In December 2009 Mr Peter Hynes, then Westport’s Town Manager, and now the Chief Executive of Mayo County Council, told The Mayo News: “We are delighted that we will be able to put our plans in place and we will have a civic centre that’s appropriate for Westport and combines the old and the new. We hope to get the design sorted and get through planning next year and be able to go to tender at the end of 2010 or early 2011.”
At the time the sale of the 4.4 acre CoM site for €4m was almost complete. It had been among the last decisions of outgoing County Manager, Des Mahon, the previous August (2008) when a deposit was paid for the prime site. However, Mr Hynes had then voiced concerns about the fact that the ‘council’s current financial constraints would scupper the sale’. Presciently, the abolition of town councils in 2014 compounded this concern.

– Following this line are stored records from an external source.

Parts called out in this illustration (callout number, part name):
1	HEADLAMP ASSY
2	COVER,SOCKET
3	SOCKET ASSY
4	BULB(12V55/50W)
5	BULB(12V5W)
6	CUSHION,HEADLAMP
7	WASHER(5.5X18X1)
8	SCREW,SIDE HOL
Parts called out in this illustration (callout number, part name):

The council had been looking for a permanent building to develop a state-of-the-art civic centre, like in Belmullet, for a number of years and was then renting – as is the case still – a premises on Altamont Street, across from the train station. Before that the council offices had been located for 25 years at the site of the old Vocational School on Castlebar Street.

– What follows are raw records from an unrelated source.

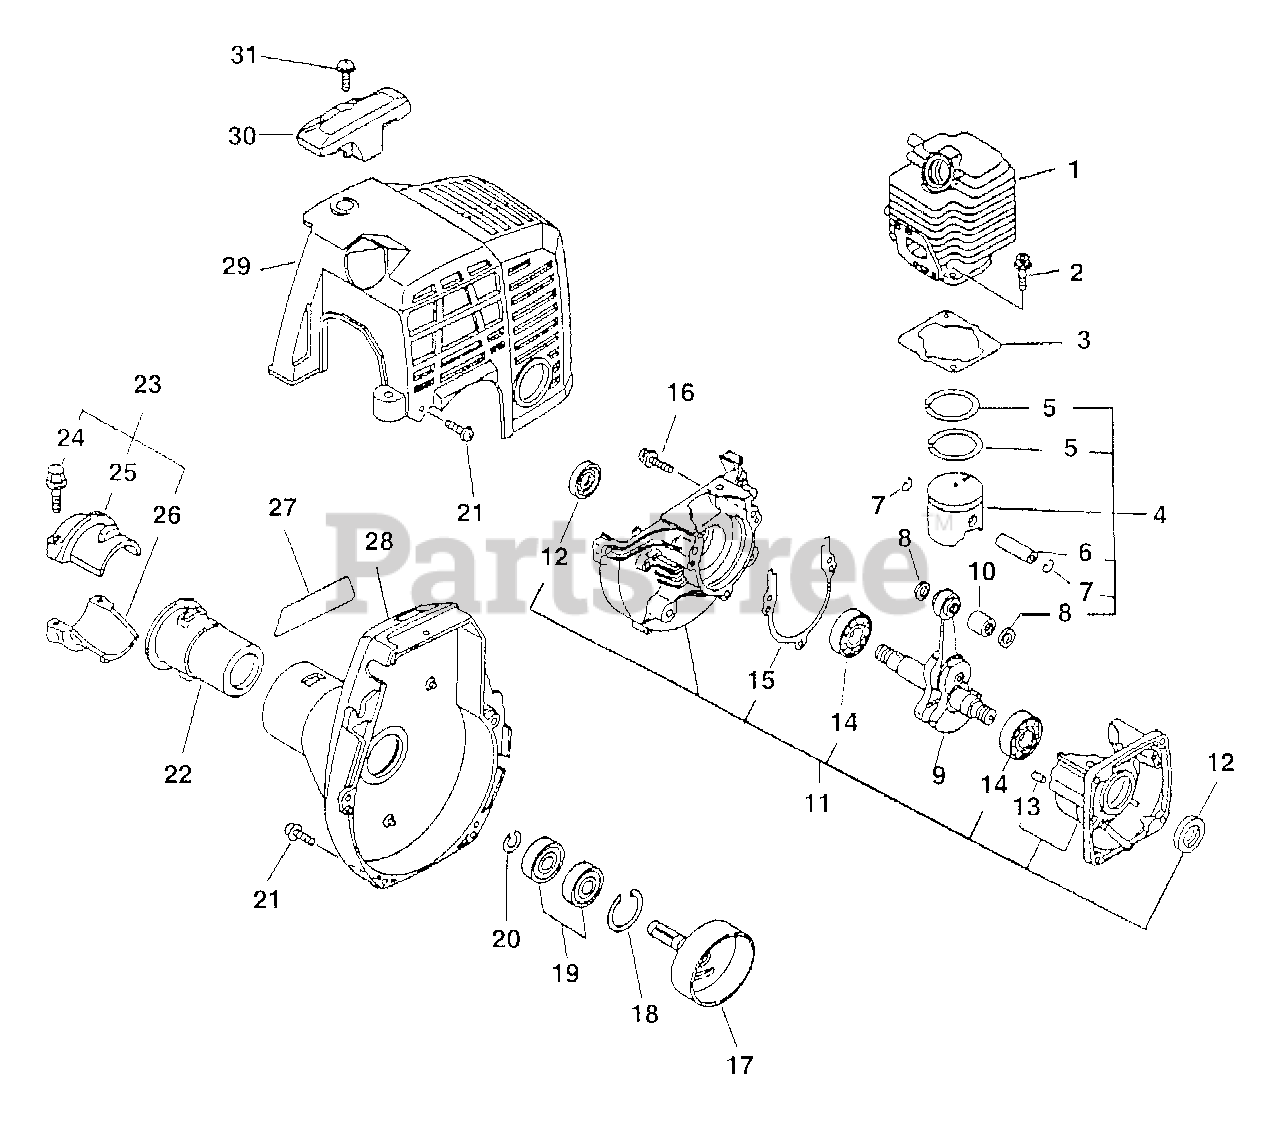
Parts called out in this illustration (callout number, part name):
1	CYLINDER/PISTON KIT
2	BOLT 5×22
3	GASKET, CYLINDER
4	PISTON KIT
5	RING, PISTON
6	PIN, PISTON 8
7	RING, SNAP
8	WASHER, THRUST
9	CRANKSHAFT ASSY
10	BEARING, NEEDLE
11	CRANKCASE KIT
12	SEAL, OIL 12
13	PIN, LOCATING 4
14	BEARING, BALL - 6201 C3
15	GASKET, CRANKCASE
16	BOLT 5×28
17	DRUM, CLUTCH
18	RING, SNAP 28
19	BEARING, BALL 6001
20	RING, RETAINING - 12
21	BOLT 4×16
22	CUSHION Ø25
23	RETAINER KIT
24	BOLT - 5×25
25	HOLDER, MAIN PIPE - UPPER
26	HOLDER - LOWER
27	LABEL, MODEL
28	COVER ASSY, FAN
29	COVER, ENGINE
30	GUARD, TOP
31	SCREW 5×16

Speaking in December 2009, Fianna Fáil councillor Margaret Adams, who was among the first to flag the potential of the convent site, welcomed the purchase of the buildings. She said: “This site will be centrally located with green space and this will be a good investment for the town.”
The land for the Convent of Mercy was given to the Mercy Order of nuns by Lord Sligo in 1842 and was their home until June 2008. It comprised the large convent building, as well the convent chapel and extensive gardens. The Scoil Phádraig building was not part of the council’s purchase.

Caroline’s story
“I was left at the convent in 1964 when I was two years of age, and I was the last ‘orphan’ taken in. I wasn’t born in Ireland but from what I know, my parents split up and my father had to take care of myself and my brother; my brother was raised by a foster parent in Kilmeena and had a very different life to me. My father worked at Newport House as a chef, and I know he tried many avenues for ‘childcare’ until it got too hard, I’m guessing. Anyway that’s how I ended up there – very odd circumstances – but when I was there in the ‘60s the place was ‘winding down’: social services had started to become available so we were about 20 girls in a place that was meant for over 150, with older girls leaving as they were old enough.I started the Facebook page because I didn’t want people in Westport to forget what was there and all the things that it had encompassed. Since it was built in 1845 it housed the Magdalene Asylum, St Columba’s Industrial School (it is named in the Ryan report); it had a bakery that was run by the ‘girls’ themselves; it had a very lucrative lace making business too.
Sadly, young people in the town probably don’t even know the convent is there and what it was, but the Facebook page has ‘found’ many people who knew it in some way, including people who had ancestors there from years ago and now live overseas. In my time things were still very harsh and often very cruel, but that’s how it was in those days. The nuns were a formidable force, even as teachers at the schools – Scoil Phádraig and the Sacred Heart School – and many pupils remember them without fondness, let alone ‘us’ girls who lived in the place.”

Caroline Young is a sociologist, who lives in Tasmania. Her friend tied a yellow ribbon to the convent gates, on her behalf, on Mother’s Day recently, to remember all the girls who were ‘orphans’ at the convent.